Читаем без скачивания Повести и рассказы - Генри Джеймс
Шрифт:
Интервал:
Закладка:
Сосед с трудом отвел взгляд от могильного холма, как сделал бы сам Марчер, будь у него на это силы, и направился к воротам. Он медленно шел по дорожке мимо могилы Мэй Бартрем и, поравнявшись с Марчером, заглянул ему в глаза ищущим голодным взглядом. Марчер сразу почувствовал, как глубоко ранен этот человек, почувствовал с такой остротой, что все остальное — возраст, одежда, черты характера, печать сословия — исчезло, существовало только лицо, изборожденное глубоким и разрушительным страданием, подлинным страданием.
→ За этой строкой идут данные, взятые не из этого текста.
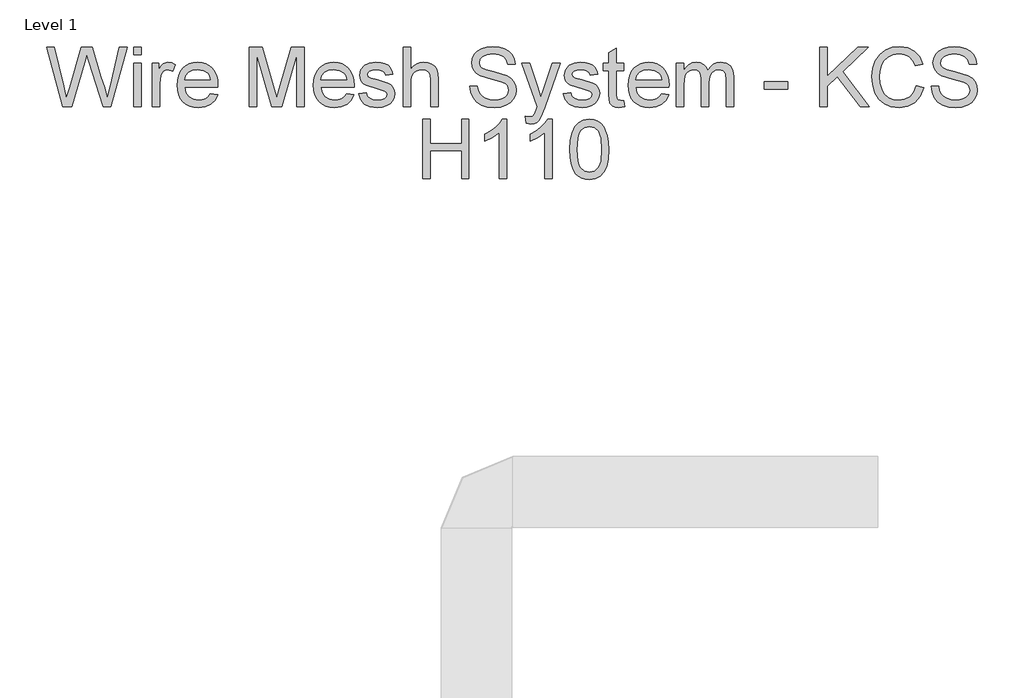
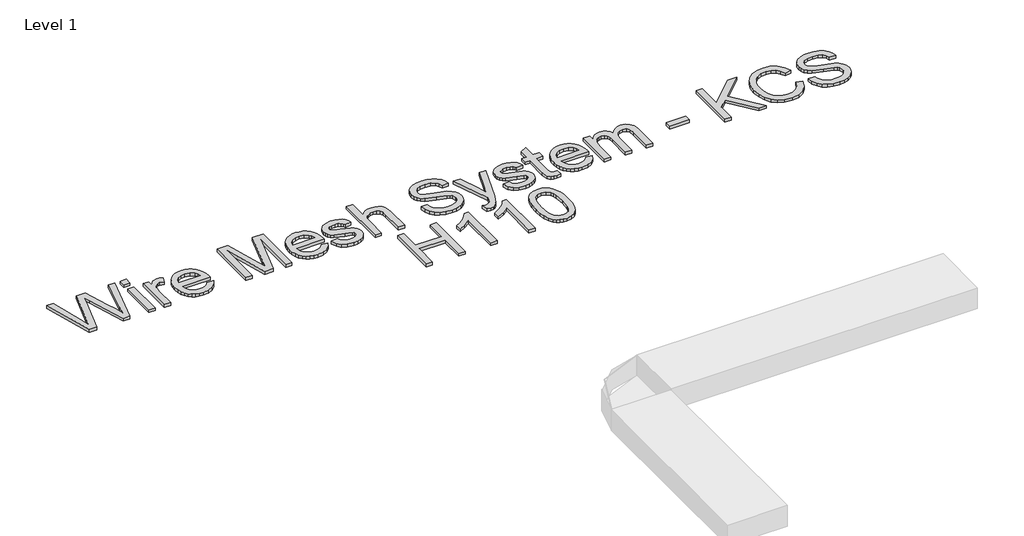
# One storey, part 19 of 32: 1 proxy.
"""IFC4 building model written with IfcOpenShell, lengths in millimetres."""

from ifc_helpers import new_model, si_unit, origin, origin_with_axes, place, context, project, spatial, polyline, outline, extrude, element, save

model = new_model("IFC4")

# Units and contexts
model_context = context("Model", 3, world=origin())
ifc_project = project(units=[si_unit("LENGTHUNIT", "METRE", prefix="MILLI")], contexts=[model_context])

# Site, building, storey
site = spatial("IfcSite", under=ifc_project)
building = spatial("IfcBuilding", under=site)
storey = spatial("IfcBuildingStorey", under=building, Name="Level 1", Elevation=0.0)

# Proxy
placement = place(None, origin())
element("IfcBuildingElementProxy", 1, Name="250mm Arial 3", ObjectType="250mm Arial 3", at=placement, inside=storey, context=model_context, shape_type="SweptSolid", body=[
    extrude(outline(polyline([(3816.2159742, 30303.1379564), (3747.7286094, 30554.2787318), (3780.102225, 30554.2787318), (3819.8334805, 30389.2223433), (3832.0962137, 30338.2706869), (3845.2173381, 30383.3362313), (3895.0040348, 30554.2787318), (3941.6637345, 30554.2787318), (3977.8387974, 30430.3638131), (3993.3358265, 30384.3785637), (4004.7554967, 30338.2706869), (4016.6503479, 30387.7508153), (4056.7494854, 30554.2787318), (4089.1231009, 30554.2787318), (4020.5744225, 30303.1379564), (3987.0358473, 30303.1379564), (3926.8258274, 30496.8891405), (3918.4258552, 30523.9284672), (3908.9835506, 30491.3709106), (3854.1078197, 30303.1379564), (3816.2159742, 30303.1379564)])), origin_with_axes(), (0.0, 0.0, 1.0), 15.0),
    extrude(outline(polyline([(4116.5916233, 30522.8861348), (4116.5916233, 30554.2787318), (4147.9842202, 30554.2787318), (4147.9842202, 30522.8861348), (4116.5916233, 30522.8861348)])), origin_with_axes(), (0.0, 0.0, 1.0), 15.0),
    extrude(outline(polyline([(4116.5916233, 30303.1379564), (4116.5916233, 30487.5694633), (4147.9842202, 30487.5694633), (4147.9842202, 30303.1379564), (4116.5916233, 30303.1379564)])), origin_with_axes(), (0.0, 0.0, 1.0), 15.0),
    extrude(outline(polyline([(4195.0731156, 30303.1379564), (4195.0731156, 30487.5694633), (4222.5416379, 30487.5694633), (4222.5416379, 30460.284882), (4232.6890496, 30476.1038078), (4242.0393836, 30485.423485), (4261.6597567, 30491.4935379), (4277.2947415, 30489.0716481), (4293.1749809, 30481.8059787), (4282.6903441, 30453.6630061), (4260.6174244, 30460.100941), (4251.2440977, 30458.5527709), (4242.8671181, 30453.9082608), (4231.5547467, 30436.7404343), (4226.4657125, 30400.0748621), (4226.4657125, 30303.1379564), (4195.0731156, 30303.1379564)])), origin_with_axes(), (0.0, 0.0, 1.0), 15.0),
    extrude(outline(polyline([(4441.9219343, 30358.075001), (4472.7013946, 30354.1509264), (4461.6112853, 30330.9590323), (4443.9146285, 30313.6225933), (4420.009963, 30302.8160597), (4390.2958277, 30299.2138818), (4370.8172424, 30300.7678), (4353.4616429, 30305.4295547), (4338.229029, 30313.1991458), (4325.1194009, 30324.0765733), (4314.5772824, 30337.759101), (4307.0471978, 30353.9439928), (4302.5291471, 30372.6312485), (4301.0231302, 30393.8208682), (4302.5444755, 30415.7290074), (4307.1085115, 30435.0389801), (4314.7152382, 30451.7507861), (4325.3646555, 30465.8644256), (4338.4397948, 30477.0771622), (4353.3236872, 30485.0862598), (4370.0163327, 30489.8917184), (4388.5177314, 30491.4935379), (4406.4232378, 30489.8955505), (4422.6157938, 30485.1015883), (4437.0953992, 30477.1116512), (4449.8620541, 30465.9257393), (4460.2834612, 30451.8427566), (4467.7273234, 30435.1616074), (4472.1936408, 30415.8822916), (4473.6824132, 30394.0048092), (4473.4984722, 30385.5435233), (4332.4157271, 30385.5435233), (4337.8496507, 30362.0450609), (4350.4726017, 30344.7699355), (4368.6904247, 30334.1473429), (4390.9089643, 30330.6064787), (4407.6169383, 30332.2466193), (4421.6884246, 30337.1670409), (4433.1234233, 30345.6743121), (4441.9219343, 30358.075001)]), holes=[polyline([(4332.4157271, 30416.9361202), (4442.2898163, 30416.9361202), (4438.043845, 30433.5214669), (4429.7205148, 30445.3856612), (4411.4183856, 30456.4221211), (4388.395104, 30460.100941), (4367.2342251, 30457.1655493), (4349.7368377, 30448.359374), (4337.5737392, 30434.632777), (4332.4157271, 30416.9361202)])]), origin_with_axes(), (0.0, 0.0, 1.0), 15.0),
    extrude(outline(polyline([(4607.1009502, 30303.1379564), (4607.1009502, 30554.2787318), (4661.1182898, 30554.2787318), (4712.4991418, 30377.2661784), (4722.8611513, 30340.2940379), (4734.0815522, 30380.3318617), (4784.6040128, 30554.2787318), (4838.6213525, 30554.2787318), (4838.6213525, 30303.1379564), (4807.2287555, 30303.1379564), (4807.2287555, 30522.8861348), (4744.1369934, 30303.1379564), (4701.5853093, 30303.1379564), (4638.4935471, 30522.8861348), (4638.4935471, 30303.1379564), (4607.1009502, 30303.1379564)])), origin_with_axes(), (0.0, 0.0, 1.0), 15.0),
    extrude(outline(polyline([(5018.7609028, 30358.075001), (5049.540363, 30354.1509264), (5038.4502537, 30330.9590323), (5020.7535969, 30313.6225933), (4996.8489314, 30302.8160597), (4967.1347961, 30299.2138818), (4947.6562109, 30300.7678), (4930.3006113, 30305.4295547), (4915.0679975, 30313.1991458), (4901.9583693, 30324.0765733), (4891.4162509, 30337.759101), (4883.8861663, 30353.9439928), (4879.3681155, 30372.6312485), (4877.8620986, 30393.8208682), (4879.3834439, 30415.7290074), (4883.9474799, 30435.0389801), (4891.5542066, 30451.7507861), (4902.203624, 30465.8644256), (4915.2787632, 30477.0771622), (4930.1626556, 30485.0862598), (4946.8553011, 30489.8917184), (4965.3566998, 30491.4935379), (4983.2622063, 30489.8955505), (4999.4547622, 30485.1015883), (5013.9343676, 30477.1116512), (5026.7010225, 30465.9257393), (5037.1224296, 30451.8427566), (5044.5662919, 30435.1616074), (5049.0326092, 30415.8822916), (5050.5213817, 30394.0048092), (5050.3374407, 30385.5435233), (4909.2546955, 30385.5435233), (4914.6886192, 30362.0450609), (4927.3115701, 30344.7699355), (4945.5293931, 30334.1473429), (4967.7479328, 30330.6064787), (4984.4559067, 30332.2466193), (4998.527393, 30337.1670409), (5009.9623917, 30345.6743121), (5018.7609028, 30358.075001)]), holes=[polyline([(4909.2546955, 30416.9361202), (5019.1287848, 30416.9361202), (5014.8828134, 30433.5214669), (5006.5594833, 30445.3856612), (4988.257354, 30456.4221211), (4965.2340725, 30460.100941), (4944.0731935, 30457.1655493), (4926.5758061, 30448.359374), (4914.4127077, 30434.632777), (4909.2546955, 30416.9361202)])]), origin_with_axes(), (0.0, 0.0, 1.0), 15.0),
    extrude(outline(polyline([(5070.1417548, 30358.075001), (5101.5343517, 30361.9990756), (5106.4854302, 30348.5713828), (5116.0656905, 30338.6998826), (5130.3364462, 30332.6298297), (5149.359011, 30330.6064787), (5168.1516496, 30332.4612171), (5181.3647446, 30338.0254323), (5189.182237, 30346.0881793), (5191.7880678, 30355.4385134), (5189.1669086, 30363.4399468), (5181.303431, 30369.5406565), (5148.9911291, 30378.4924517), (5101.7182927, 30393.851525), (5089.7544636, 30401.5693827), (5081.0862441, 30411.7857723), (5075.8209331, 30423.8492361), (5074.0658294, 30437.1083163), (5079.7066866, 30460.4994798), (5095.0964168, 30478.3724134), (5115.054015, 30487.6614338), (5142.0626848, 30491.4935379), (5162.495464, 30489.9530321), (5180.2610986, 30485.3315145), (5194.5471828, 30478.0811735), (5204.5413103, 30468.6541974), (5211.1631862, 30456.3531432), (5215.3325155, 30440.4805679), (5183.9399186, 30436.5564933), (5179.9775229, 30446.4356577), (5172.1370379, 30453.8776039), (5160.3418214, 30458.5451067), (5144.5152314, 30460.100941), (5126.4890137, 30458.6140846), (5114.4715352, 30454.1535154), (5107.7117035, 30447.7155805), (5105.4584263, 30440.2966269), (5109.1985599, 30431.1608907), (5120.9094701, 30424.2324465), (5147.9487967, 30417.5492569), (5194.0260166, 30402.7726634), (5206.1967793, 30395.7062634), (5215.424486, 30386.0340326), (5221.2416201, 30373.7253142), (5223.1806647, 30358.7494513), (5220.9043949, 30343.2677507), (5214.0755854, 30328.7057551), (5202.9548192, 30316.2054314), (5187.8026795, 30306.9087468), (5169.5005503, 30301.137598), (5148.9298154, 30299.2138818), (5117.2766354, 30302.9233586), (5094.1767118, 30314.0517889), (5078.7563248, 30332.4765455), (5070.1417548, 30358.075001)])), origin_with_axes(), (0.0, 0.0, 1.0), 15.0),
    extrude(outline(polyline([(5258.4973363, 30303.1379564), (5258.4973363, 30554.2787318), (5289.8899332, 30554.2787318), (5289.8899332, 30461.940351), (5301.4207345, 30474.8698703), (5314.3694143, 30484.1052412), (5328.7359726, 30489.6464637), (5344.5204095, 30491.4935379), (5363.4816607, 30489.4778512), (5379.7757674, 30483.4307909), (5392.6056519, 30473.8275379), (5401.1742367, 30461.1432733), (5406.0026879, 30443.7148638), (5407.6121717, 30419.8791762), (5407.6121717, 30303.1379564), (5376.2195747, 30303.1379564), (5376.2195747, 30416.6295519), (5373.7210429, 30436.2805818), (5366.2254472, 30449.7389315), (5354.146655, 30457.5104386), (5337.8985336, 30460.100941), (5324.6317891, 30458.3535015), (5312.1774507, 30453.1111831), (5301.8614265, 30444.8798235), (5295.0096243, 30434.1652603), (5291.169856, 30419.9251614), (5289.8899332, 30401.1171944), (5289.8899332, 30303.1379564), (5258.4973363, 30303.1379564)])), origin_with_axes(), (0.0, 0.0, 1.0), 15.0),
    extrude(outline(polyline([(5541.0307086, 30389.4675979), (5572.4233055, 30389.4675979), (5576.0254834, 30372.0468526), (5582.5400604, 30358.0443442), (5592.7028005, 30346.9312422), (5607.2494677, 30338.1787164), (5625.0304308, 30332.4995381), (5644.8960586, 30330.6064787), (5662.3857817, 30332.0396856), (5677.6988698, 30336.3393065), (5690.1072229, 30343.1451234), (5698.8827413, 30352.0969186), (5704.1020672, 30362.3746218), (5705.8418424, 30373.1581628), (5700.6301808, 30392.7478791), (5692.6900611, 30400.4963936), (5679.2930251, 30407.0033064), (5633.5836872, 30418.990128), (5584.3794703, 30434.4718287), (5568.7521498, 30445.0331076), (5557.6773689, 30457.8323354), (5551.0784856, 30472.5936004), (5548.8788578, 30489.0409913), (5551.5996517, 30507.4274268), (5559.7620335, 30524.5722607), (5573.1514053, 30539.1035995), (5591.5531693, 30549.64955), (5613.6414174, 30556.0644923), (5638.0902416, 30558.2028064), (5664.5777453, 30555.9648576), (5687.754311, 30549.2510112), (5706.7922042, 30538.1992229), (5720.8636906, 30522.9474485), (5729.7695005, 30504.4460498), (5733.3103647, 30483.6453887), (5701.9177678, 30483.6453887), (5696.1542832, 30502.3767136), (5684.1368047, 30515.8963769), (5665.3594945, 30524.0817513), (5639.316515, 30526.8102095), (5612.6603987, 30524.1124082), (5594.3735979, 30516.0190043), (5583.7969905, 30504.1088247), (5580.2714547, 30489.9606963), (5582.7699866, 30477.8972325), (5590.2655823, 30468.1943449), (5607.9852317, 30459.5184612), (5641.5238069, 30450.6586365), (5697.0739882, 30434.9010243), (5714.9699144, 30423.5120109), (5727.4549096, 30409.455853), (5734.7895569, 30392.8858348), (5737.2344393, 30373.9552405), (5734.4216749, 30354.6031147), (5725.9833817, 30336.4006201), (5712.2644489, 30320.7349785), (5693.6097661, 30308.9934115), (5671.1766286, 30301.6587642), (5646.1223319, 30299.2138818), (5615.3658642, 30301.8503694), (5590.0509844, 30309.7598323), (5569.8864526, 30322.9729273), (5554.5810287, 30341.5203112), (5544.7555138, 30364.1143971), (5541.0307086, 30389.4675979)])), origin_with_axes(), (0.0, 0.0, 1.0), 15.0),
    extrude(outline(polyline([(5780.3992601, 30232.5046133), (5776.4751855, 30262.7322506), (5792.4167386, 30259.9731356), (5807.3159594, 30263.4373577), (5816.4516956, 30273.0942601), (5825.0356089, 30296.2095122), (5827.4881555, 30303.8124067), (5760.778887, 30487.5694633), (5793.8882666, 30487.5694633), (5829.2662518, 30385.1756413), (5841.5902986, 30344.2181125), (5853.9143455, 30380.3931754), (5890.2733493, 30487.5694633), (5923.1374742, 30487.5694633), (5858.9420661, 30298.7233725), (5842.264749, 30257.7658437), (5833.726821, 30244.6907044), (5824.0545902, 30235.6316103), (5812.8188609, 30230.3433066), (5799.5904375, 30228.5805387), (5780.3992601, 30232.5046133)])), origin_with_axes(), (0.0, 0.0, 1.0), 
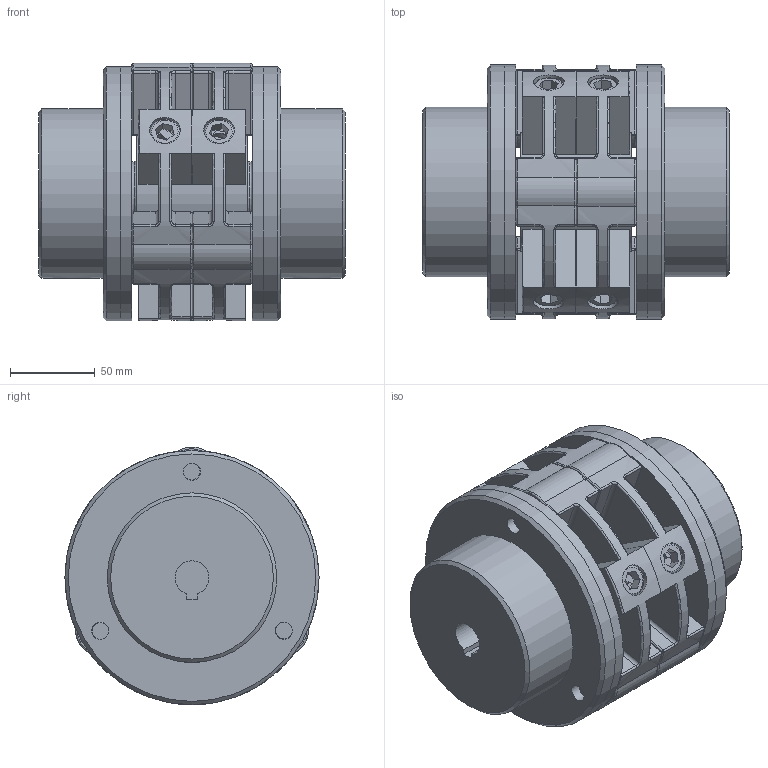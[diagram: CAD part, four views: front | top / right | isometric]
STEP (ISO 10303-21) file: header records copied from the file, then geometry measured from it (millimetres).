
FILE_DESCRIPTION(/* description */ (''),/* implementation_level */ '2;1');
FILE_NAME(/* name */ 'GXZ16-L81-20-PF-20-PF',/* time_stamp */ '2024-01-05T15:36:20+01:00',/* author */ ('M. Horlacher'),/* organization */ (''),/* preprocessor_version */ 'ST-DEVELOPER v20',/* originating_system */ 'Autodesk Inventor 2024',/* authorisation */ '');
FILE_SCHEMA (('AUTOMOTIVE_DESIGN { 1 0 10303 214 3 1 1 }'));
Length unit declared in the file: millimetre
Products named in the file (9): RP STEP; VE Rohr Dummy; GX16-Nabe; GX16 Befestigungssatz; 080305-1411s ; 100305-1526s ; ISO 4762 - M12 x 35 - 8.8 - VZ A1A; GX16-Nabe_1; 240605-0912s
Assembly tree (15 placements, depth 3):
  RP STEP
    VE Rohr Dummy
    GX16 Befestigungssatz  x2
      080305-1411s 
      100305-1526s 
      ISO 4762 - M12 x 35 - 8.8 - VZ A1A
    GX16-Nabe
    GX16-Nabe_1
    240605-0912s  x2
Bounding box: 181 x 150 x 151.95 mm (x, y, z)
Volume: 1945681.7 mm3; surface area: 415821.8 mm2
Topology: 21 solids, 21 shells, 724 faces, 1782 edges, 1068 vertices
Faces by surface type: plane 250, cylinder 208, torus 130, sphere 58, bspline 48, cone 30
Full cylindrical faces by diameter (mm): 8.376 x2, 10.106 x12, 12 x24, 12.5 x6, 18 x24, 42 x2, 67 x3, 70 x3, 100 x2, 145 x4, 150 x4
Entity records: 10914 total; most frequent: CARTESIAN_POINT 3301, DIRECTION 1570, ORIENTED_EDGE 1472, EDGE_CURVE 736, AXIS2_PLACEMENT_3D 659, VERTEX_POINT 452, EDGE_LOOP 370, CIRCLE 345

Подлинное страдание — в этом было все дело; когда он проходил мимо Марчера, в нем что-то шевельнулось, то ли участие, то ли, скорее всего, вызов чужому горю. Может быть, он успел заметить нашего друга, успел уже раньше обнаружить в нем благодушную примиренность с кладбищем, которая своей несовместимостью с его собственным чувством покоробила незнакомца как режущий диссонанс. Так или иначе, сперва Марчеру передалось ощущение, владевшее этим олицетворением раненой страсти — ощущение незримого присутствия чего-то кощунственного, а затем, когда тот продолжил свой путь, он, взволнованный, обескураженный, задетый, поймал себя на том, что с завистью глядит ему вслед. То, что за этим непроизвольным взглядом последовало, что явилось прямым следствием впечатления от встречи, было поистине невероятно — впрочем, он и прежде многое случившееся с ним считал невероятным. Незнакомец ушел, но глаза с их обнаженной мукой по-прежнему исступленно глядели на Марчера, и, полный жалости, он попытался понять, какая беда, какое несчастье, какая непоправимая утрата может придать глазам такое выражение. Что этому человеку было дано, без чего он истекает кровью, хотя и продолжает жить?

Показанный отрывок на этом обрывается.